# Is this monitor a good monitor to play games like GTA IV?



## jkultimate (Apr 30, 2011)

*OK, I have a Intex 15" 1504W model TFT Monitor.*

_I am going to purchase some components for gaming._

_AMD ATHLON II X4 635
GA880GM-UD2H
4GB CROSIAR DDR3
SAHPPIRE HD 5670 1 GIG
FSP SAGA II 400WATTS_

Will my current Monitor can handle games like GTA iv Shift 2 etc... at decent resolutions?


----------



## SlashDK (Apr 30, 2011)

You will be able to play the games at maximum settings on that monitor.
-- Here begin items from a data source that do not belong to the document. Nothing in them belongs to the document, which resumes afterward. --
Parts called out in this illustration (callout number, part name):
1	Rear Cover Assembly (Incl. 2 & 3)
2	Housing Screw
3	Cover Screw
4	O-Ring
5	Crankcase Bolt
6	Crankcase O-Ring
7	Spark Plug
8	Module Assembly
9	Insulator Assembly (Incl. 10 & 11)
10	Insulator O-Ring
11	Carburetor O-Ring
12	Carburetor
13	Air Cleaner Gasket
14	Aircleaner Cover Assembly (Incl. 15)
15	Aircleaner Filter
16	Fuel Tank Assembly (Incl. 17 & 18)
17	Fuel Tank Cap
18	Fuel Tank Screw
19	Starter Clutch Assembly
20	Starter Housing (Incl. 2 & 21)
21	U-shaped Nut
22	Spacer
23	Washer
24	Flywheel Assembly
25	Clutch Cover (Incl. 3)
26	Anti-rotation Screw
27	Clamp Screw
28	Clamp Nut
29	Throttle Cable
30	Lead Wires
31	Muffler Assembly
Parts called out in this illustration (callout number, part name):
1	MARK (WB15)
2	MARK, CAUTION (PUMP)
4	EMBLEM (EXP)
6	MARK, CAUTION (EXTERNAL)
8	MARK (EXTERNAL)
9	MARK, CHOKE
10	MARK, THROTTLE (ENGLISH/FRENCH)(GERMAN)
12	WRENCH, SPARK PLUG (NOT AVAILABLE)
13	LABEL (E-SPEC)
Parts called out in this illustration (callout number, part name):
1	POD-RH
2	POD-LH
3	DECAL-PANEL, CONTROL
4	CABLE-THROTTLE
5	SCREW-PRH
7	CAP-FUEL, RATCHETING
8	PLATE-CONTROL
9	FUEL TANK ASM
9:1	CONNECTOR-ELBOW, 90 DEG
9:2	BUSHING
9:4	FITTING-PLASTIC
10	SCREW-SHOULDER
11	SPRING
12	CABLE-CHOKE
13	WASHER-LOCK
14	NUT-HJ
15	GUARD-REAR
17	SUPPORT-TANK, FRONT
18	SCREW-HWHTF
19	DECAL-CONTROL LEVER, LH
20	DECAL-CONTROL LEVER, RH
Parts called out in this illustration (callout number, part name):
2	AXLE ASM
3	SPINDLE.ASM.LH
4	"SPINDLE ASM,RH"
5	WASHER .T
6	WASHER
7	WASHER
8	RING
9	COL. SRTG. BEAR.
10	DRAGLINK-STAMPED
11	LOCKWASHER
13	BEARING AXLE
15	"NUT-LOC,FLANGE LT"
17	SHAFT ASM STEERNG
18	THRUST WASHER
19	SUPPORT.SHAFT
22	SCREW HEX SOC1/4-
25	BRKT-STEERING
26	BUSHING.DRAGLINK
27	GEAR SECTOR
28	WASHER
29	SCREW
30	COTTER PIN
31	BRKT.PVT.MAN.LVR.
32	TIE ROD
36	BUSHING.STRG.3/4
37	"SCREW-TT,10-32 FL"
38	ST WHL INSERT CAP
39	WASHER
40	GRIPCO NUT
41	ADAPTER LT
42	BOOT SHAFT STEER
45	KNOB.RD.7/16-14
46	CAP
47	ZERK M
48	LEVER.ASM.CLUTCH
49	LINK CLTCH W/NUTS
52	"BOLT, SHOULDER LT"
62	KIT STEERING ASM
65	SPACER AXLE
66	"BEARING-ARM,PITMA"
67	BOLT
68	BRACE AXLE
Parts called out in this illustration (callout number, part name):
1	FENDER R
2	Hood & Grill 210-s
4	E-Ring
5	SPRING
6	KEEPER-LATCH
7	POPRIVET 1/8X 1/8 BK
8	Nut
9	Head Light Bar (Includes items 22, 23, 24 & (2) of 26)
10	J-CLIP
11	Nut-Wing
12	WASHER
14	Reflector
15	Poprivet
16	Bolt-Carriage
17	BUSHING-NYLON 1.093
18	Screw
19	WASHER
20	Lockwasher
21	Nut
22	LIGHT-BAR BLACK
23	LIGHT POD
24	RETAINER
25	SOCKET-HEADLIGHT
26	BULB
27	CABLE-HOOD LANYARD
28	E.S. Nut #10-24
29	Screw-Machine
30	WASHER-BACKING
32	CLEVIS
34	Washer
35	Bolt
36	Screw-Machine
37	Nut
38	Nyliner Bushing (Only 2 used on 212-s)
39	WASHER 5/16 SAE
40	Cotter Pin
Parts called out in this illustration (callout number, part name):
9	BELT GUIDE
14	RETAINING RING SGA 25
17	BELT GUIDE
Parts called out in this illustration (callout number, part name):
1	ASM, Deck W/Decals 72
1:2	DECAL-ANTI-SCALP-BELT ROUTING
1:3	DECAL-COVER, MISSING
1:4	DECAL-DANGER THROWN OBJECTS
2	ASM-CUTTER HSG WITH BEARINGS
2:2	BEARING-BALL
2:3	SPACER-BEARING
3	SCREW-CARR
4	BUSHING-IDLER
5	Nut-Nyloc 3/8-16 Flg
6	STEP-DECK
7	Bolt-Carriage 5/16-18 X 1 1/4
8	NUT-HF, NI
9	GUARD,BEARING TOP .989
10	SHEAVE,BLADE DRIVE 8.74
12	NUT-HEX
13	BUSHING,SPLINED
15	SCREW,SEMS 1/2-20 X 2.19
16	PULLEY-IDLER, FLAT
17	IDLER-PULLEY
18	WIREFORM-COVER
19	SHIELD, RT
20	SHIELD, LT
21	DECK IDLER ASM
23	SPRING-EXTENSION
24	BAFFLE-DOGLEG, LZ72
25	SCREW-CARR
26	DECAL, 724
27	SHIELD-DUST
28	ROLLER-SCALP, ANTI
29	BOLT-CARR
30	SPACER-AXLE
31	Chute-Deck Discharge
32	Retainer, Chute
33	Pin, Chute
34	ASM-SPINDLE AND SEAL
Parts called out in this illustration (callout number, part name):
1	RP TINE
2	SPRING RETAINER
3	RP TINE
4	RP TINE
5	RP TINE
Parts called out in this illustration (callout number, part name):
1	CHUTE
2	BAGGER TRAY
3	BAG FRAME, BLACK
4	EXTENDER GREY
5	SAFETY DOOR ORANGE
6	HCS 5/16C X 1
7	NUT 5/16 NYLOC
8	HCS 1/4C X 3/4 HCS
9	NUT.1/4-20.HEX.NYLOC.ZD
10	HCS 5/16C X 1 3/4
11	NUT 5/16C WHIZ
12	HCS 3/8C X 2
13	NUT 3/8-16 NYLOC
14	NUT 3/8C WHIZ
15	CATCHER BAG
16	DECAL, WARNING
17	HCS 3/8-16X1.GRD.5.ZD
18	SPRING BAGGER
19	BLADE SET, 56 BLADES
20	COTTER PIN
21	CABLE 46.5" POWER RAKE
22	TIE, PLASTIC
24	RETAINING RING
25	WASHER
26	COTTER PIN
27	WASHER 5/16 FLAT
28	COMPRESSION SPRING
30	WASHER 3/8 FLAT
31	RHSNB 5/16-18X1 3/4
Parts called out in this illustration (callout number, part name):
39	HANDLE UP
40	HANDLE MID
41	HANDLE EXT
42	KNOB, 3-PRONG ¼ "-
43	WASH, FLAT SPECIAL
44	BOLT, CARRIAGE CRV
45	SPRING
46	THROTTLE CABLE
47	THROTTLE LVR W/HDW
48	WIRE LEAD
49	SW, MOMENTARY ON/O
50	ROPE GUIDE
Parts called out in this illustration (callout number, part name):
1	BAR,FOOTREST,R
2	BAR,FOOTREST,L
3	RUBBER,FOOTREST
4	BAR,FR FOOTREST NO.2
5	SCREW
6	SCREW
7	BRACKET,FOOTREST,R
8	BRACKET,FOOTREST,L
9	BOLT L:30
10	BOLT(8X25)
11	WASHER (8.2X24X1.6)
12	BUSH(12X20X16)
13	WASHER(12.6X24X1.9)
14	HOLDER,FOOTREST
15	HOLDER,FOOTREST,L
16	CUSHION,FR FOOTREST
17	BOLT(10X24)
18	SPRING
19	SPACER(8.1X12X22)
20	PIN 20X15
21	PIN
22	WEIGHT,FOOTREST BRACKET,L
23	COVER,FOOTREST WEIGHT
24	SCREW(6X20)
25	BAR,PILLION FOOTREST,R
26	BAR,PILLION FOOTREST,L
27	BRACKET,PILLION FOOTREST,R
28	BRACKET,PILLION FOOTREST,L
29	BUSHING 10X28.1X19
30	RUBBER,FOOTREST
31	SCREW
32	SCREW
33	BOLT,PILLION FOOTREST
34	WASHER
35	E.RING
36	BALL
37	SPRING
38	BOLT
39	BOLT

Nice selection of components BTW.


----------



## NitrousNavneet (May 1, 2011)

Is AMD ATHLON II X4 635 is better than core 2 duo?
What is meaning of BTW?



jkultimate said:


> *OK, I have a Intex 15" 1504W model TFT Monitor.*
> 
> _I am going to purchase some components for gaming._
> 
> ...



What will be the price of all this things?


----------



## Vyom (May 1, 2011)

NitrousNavneet said:


> Is AMD ATHLON II X4 635 is better than core 2 duo?



Definitely Yes. 
Source: PassMark Intel vs AMD CPU Benchmarks - High End



NitrousNavneet said:


> What is meaning of BTW?



*B*y *T*he *W*ay.


----------



## Skud (May 1, 2011)

jkultimate said:


> *OK, I have a Intex 15" 1504W model TFT Monitor.*
> 
> _I am going to purchase some components for gaming._
> 
> ...




I think the only resolution you have at your disposal is 1024x768 . Your component choices are very good. You can easily play at that res with highest settings.


----------